» **What you should do**
Where a line below holds the string "ezdxf", copy that line.

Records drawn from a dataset
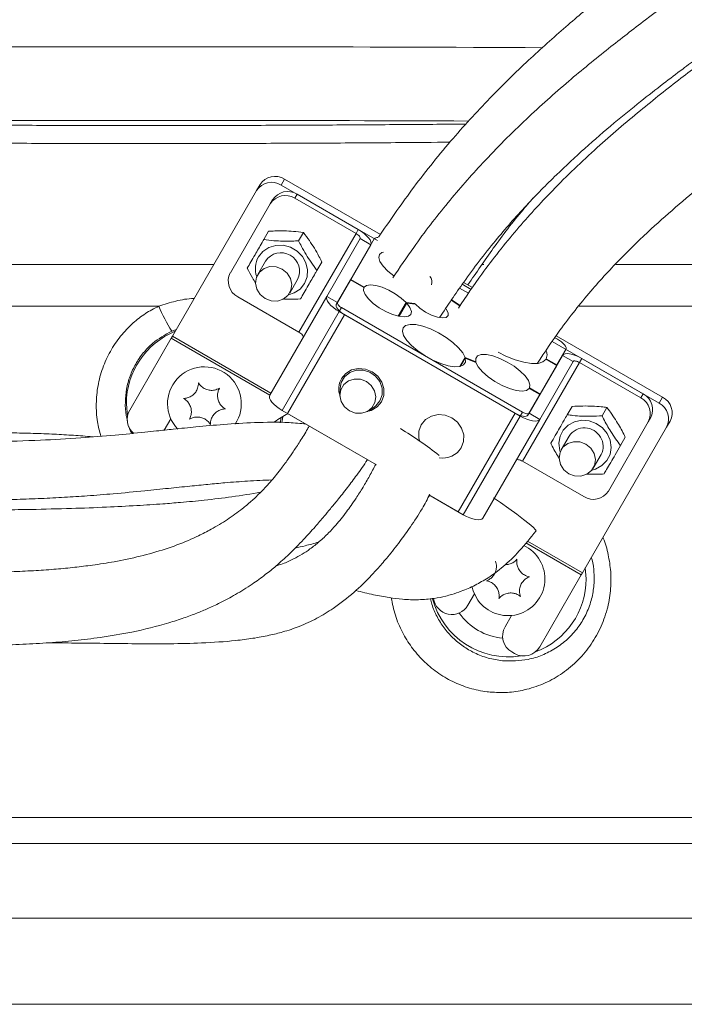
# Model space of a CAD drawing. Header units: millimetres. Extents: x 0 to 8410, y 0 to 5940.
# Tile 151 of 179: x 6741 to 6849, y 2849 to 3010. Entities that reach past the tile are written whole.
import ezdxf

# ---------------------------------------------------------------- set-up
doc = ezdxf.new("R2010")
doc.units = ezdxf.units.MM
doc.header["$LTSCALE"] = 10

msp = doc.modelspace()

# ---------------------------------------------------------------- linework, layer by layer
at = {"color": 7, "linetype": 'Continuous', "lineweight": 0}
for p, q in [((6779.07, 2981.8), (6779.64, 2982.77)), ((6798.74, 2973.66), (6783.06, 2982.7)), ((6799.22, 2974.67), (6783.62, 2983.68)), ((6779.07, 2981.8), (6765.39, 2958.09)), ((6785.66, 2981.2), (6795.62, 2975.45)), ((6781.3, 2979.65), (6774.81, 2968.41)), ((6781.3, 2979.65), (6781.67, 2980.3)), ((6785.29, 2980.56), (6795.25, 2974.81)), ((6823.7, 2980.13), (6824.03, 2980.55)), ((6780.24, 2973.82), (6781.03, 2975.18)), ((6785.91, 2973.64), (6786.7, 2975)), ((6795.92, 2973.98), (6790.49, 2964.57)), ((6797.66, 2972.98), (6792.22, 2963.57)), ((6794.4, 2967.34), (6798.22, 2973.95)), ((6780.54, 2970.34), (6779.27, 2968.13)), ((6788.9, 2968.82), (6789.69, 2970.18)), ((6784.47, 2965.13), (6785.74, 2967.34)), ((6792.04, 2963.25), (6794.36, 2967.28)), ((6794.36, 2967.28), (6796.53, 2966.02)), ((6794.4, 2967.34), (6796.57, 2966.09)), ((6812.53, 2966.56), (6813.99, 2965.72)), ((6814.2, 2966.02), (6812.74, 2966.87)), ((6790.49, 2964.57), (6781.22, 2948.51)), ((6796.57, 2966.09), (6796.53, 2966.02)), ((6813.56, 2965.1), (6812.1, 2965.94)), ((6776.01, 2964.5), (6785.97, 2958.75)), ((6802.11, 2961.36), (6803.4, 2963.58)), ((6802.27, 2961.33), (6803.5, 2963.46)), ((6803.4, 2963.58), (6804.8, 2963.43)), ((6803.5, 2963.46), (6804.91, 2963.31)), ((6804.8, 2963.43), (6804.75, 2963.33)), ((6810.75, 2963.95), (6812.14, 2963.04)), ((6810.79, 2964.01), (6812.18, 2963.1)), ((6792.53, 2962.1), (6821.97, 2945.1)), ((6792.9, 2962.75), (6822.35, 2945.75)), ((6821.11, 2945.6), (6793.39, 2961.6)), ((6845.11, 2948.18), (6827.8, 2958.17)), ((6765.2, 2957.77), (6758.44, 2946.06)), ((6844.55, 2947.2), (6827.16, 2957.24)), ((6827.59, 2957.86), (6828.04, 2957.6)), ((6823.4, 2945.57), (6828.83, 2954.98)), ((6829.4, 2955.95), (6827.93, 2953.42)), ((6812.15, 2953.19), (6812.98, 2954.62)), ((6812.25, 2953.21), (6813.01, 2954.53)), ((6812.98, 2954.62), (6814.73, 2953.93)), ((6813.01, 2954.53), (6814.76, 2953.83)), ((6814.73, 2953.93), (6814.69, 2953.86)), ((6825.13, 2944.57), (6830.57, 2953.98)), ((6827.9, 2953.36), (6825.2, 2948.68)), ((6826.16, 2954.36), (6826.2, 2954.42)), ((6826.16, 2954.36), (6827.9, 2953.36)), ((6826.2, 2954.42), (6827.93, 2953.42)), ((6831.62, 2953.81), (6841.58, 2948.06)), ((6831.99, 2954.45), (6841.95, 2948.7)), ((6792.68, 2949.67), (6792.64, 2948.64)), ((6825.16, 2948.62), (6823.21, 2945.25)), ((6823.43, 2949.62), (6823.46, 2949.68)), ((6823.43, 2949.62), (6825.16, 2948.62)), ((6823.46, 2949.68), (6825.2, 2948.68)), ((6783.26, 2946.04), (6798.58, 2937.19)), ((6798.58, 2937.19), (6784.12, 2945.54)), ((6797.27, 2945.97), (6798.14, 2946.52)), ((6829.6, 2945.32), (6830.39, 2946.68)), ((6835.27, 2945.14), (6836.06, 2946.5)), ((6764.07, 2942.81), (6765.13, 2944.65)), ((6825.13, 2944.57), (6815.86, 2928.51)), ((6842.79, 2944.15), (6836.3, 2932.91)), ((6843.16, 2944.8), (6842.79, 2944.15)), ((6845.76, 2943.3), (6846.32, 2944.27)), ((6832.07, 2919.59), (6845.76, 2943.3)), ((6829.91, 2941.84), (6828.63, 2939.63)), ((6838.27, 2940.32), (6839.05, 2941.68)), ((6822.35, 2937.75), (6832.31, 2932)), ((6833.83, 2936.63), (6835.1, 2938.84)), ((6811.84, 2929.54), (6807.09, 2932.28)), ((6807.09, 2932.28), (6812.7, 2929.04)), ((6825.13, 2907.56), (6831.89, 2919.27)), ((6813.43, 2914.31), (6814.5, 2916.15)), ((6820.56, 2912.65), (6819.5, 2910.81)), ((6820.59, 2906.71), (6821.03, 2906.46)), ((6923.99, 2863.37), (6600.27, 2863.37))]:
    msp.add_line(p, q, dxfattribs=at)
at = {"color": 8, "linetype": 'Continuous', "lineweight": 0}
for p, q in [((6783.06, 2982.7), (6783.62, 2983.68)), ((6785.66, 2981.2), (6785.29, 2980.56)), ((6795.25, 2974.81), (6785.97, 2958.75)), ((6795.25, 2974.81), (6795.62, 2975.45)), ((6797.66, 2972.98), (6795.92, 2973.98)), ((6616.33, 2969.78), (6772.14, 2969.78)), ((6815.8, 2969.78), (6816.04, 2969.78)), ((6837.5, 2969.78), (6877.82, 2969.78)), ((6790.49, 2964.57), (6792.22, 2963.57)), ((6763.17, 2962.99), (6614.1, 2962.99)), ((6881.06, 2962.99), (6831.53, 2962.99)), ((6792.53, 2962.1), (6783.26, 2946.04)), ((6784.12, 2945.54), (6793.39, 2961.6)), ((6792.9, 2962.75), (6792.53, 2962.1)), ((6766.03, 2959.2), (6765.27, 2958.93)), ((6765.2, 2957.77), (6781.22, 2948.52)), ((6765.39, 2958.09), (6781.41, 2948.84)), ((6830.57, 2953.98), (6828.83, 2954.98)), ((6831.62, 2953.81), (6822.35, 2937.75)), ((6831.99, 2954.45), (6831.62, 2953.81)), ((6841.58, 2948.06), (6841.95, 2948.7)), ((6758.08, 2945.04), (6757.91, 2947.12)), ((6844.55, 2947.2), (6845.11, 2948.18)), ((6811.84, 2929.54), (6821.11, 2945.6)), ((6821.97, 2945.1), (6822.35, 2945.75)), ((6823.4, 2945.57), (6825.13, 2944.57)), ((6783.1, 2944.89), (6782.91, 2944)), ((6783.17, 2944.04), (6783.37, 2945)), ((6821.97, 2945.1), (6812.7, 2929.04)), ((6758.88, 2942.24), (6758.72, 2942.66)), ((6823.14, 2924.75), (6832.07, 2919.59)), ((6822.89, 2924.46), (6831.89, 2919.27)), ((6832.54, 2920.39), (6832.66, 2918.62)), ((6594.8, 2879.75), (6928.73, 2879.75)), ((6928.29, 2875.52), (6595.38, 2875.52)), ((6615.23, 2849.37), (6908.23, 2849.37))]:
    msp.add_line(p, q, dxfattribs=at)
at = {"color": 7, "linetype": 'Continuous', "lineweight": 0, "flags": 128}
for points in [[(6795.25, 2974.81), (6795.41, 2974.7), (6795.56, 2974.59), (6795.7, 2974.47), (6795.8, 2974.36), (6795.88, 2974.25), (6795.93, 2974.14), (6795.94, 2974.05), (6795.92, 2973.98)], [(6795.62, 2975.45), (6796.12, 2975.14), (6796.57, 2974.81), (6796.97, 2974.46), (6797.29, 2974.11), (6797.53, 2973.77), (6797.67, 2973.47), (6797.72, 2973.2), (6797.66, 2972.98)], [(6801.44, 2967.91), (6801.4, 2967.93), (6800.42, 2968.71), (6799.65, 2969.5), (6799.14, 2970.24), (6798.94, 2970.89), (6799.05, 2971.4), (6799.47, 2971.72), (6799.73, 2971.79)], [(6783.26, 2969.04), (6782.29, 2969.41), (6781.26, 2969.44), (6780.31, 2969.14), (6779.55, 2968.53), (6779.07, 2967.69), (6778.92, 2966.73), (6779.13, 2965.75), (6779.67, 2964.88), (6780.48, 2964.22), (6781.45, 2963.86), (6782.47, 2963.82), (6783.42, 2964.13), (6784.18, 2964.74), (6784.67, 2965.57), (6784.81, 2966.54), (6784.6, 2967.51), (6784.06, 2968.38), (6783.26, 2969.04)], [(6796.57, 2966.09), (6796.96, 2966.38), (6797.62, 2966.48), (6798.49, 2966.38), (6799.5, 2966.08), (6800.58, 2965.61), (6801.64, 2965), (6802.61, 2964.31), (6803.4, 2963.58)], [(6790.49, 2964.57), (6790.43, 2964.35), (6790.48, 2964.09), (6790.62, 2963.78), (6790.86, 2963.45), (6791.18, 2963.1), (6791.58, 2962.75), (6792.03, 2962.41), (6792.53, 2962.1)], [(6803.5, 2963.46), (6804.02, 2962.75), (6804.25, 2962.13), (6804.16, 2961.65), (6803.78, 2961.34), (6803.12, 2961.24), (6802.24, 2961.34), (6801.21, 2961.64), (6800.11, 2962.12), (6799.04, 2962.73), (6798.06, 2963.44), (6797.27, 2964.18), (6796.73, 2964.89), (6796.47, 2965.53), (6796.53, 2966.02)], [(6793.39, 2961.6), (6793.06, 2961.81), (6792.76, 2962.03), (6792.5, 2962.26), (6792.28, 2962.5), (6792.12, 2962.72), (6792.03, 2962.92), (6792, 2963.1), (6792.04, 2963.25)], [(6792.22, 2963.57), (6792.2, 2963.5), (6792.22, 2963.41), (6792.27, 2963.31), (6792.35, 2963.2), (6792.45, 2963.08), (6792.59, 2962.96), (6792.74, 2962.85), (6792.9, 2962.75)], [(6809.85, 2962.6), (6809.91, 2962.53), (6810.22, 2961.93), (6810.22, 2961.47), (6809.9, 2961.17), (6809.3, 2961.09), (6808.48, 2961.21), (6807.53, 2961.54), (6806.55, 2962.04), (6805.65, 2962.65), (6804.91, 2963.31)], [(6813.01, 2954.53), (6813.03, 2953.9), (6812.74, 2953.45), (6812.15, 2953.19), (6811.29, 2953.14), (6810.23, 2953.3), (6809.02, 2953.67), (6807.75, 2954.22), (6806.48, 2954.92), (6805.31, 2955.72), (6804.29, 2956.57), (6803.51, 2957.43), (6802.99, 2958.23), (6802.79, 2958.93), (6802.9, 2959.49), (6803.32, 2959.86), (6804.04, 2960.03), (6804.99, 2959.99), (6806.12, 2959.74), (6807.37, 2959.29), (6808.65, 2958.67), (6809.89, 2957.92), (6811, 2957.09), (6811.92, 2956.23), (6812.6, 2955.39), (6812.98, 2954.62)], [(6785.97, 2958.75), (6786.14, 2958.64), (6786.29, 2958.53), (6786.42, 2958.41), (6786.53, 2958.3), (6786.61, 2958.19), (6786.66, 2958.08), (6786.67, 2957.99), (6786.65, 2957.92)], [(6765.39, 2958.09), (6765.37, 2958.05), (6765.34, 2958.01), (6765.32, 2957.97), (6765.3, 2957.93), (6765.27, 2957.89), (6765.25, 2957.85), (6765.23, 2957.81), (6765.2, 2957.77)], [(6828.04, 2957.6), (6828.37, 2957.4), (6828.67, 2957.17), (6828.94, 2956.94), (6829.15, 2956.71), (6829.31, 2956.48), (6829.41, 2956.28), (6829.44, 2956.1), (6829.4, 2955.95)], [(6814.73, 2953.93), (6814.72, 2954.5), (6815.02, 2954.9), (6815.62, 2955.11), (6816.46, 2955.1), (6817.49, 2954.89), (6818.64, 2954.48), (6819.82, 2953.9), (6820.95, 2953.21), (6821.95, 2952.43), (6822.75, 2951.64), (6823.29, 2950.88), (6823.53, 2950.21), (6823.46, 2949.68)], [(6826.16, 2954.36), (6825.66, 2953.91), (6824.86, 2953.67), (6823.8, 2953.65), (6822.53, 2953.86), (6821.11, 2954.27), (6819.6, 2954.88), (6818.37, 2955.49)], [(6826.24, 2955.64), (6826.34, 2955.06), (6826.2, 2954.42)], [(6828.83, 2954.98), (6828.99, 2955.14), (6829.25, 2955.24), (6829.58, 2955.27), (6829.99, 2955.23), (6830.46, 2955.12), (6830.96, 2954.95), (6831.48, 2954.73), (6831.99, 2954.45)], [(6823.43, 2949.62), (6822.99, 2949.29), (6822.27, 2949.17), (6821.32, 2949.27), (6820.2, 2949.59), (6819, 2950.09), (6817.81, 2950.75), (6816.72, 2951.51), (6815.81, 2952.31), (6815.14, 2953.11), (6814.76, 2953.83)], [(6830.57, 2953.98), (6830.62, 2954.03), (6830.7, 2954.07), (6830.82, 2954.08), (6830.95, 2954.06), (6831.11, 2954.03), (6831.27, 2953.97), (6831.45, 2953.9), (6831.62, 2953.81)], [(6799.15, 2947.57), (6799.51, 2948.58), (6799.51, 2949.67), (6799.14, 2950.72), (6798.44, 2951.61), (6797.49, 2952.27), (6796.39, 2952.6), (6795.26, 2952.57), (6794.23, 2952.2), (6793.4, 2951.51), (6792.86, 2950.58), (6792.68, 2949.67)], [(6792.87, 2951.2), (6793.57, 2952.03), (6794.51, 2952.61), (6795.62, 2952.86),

» **Solution to this task**
import ezdxf
doc = ezdxf.new("R2010")
doc.units = ezdxf.units.MM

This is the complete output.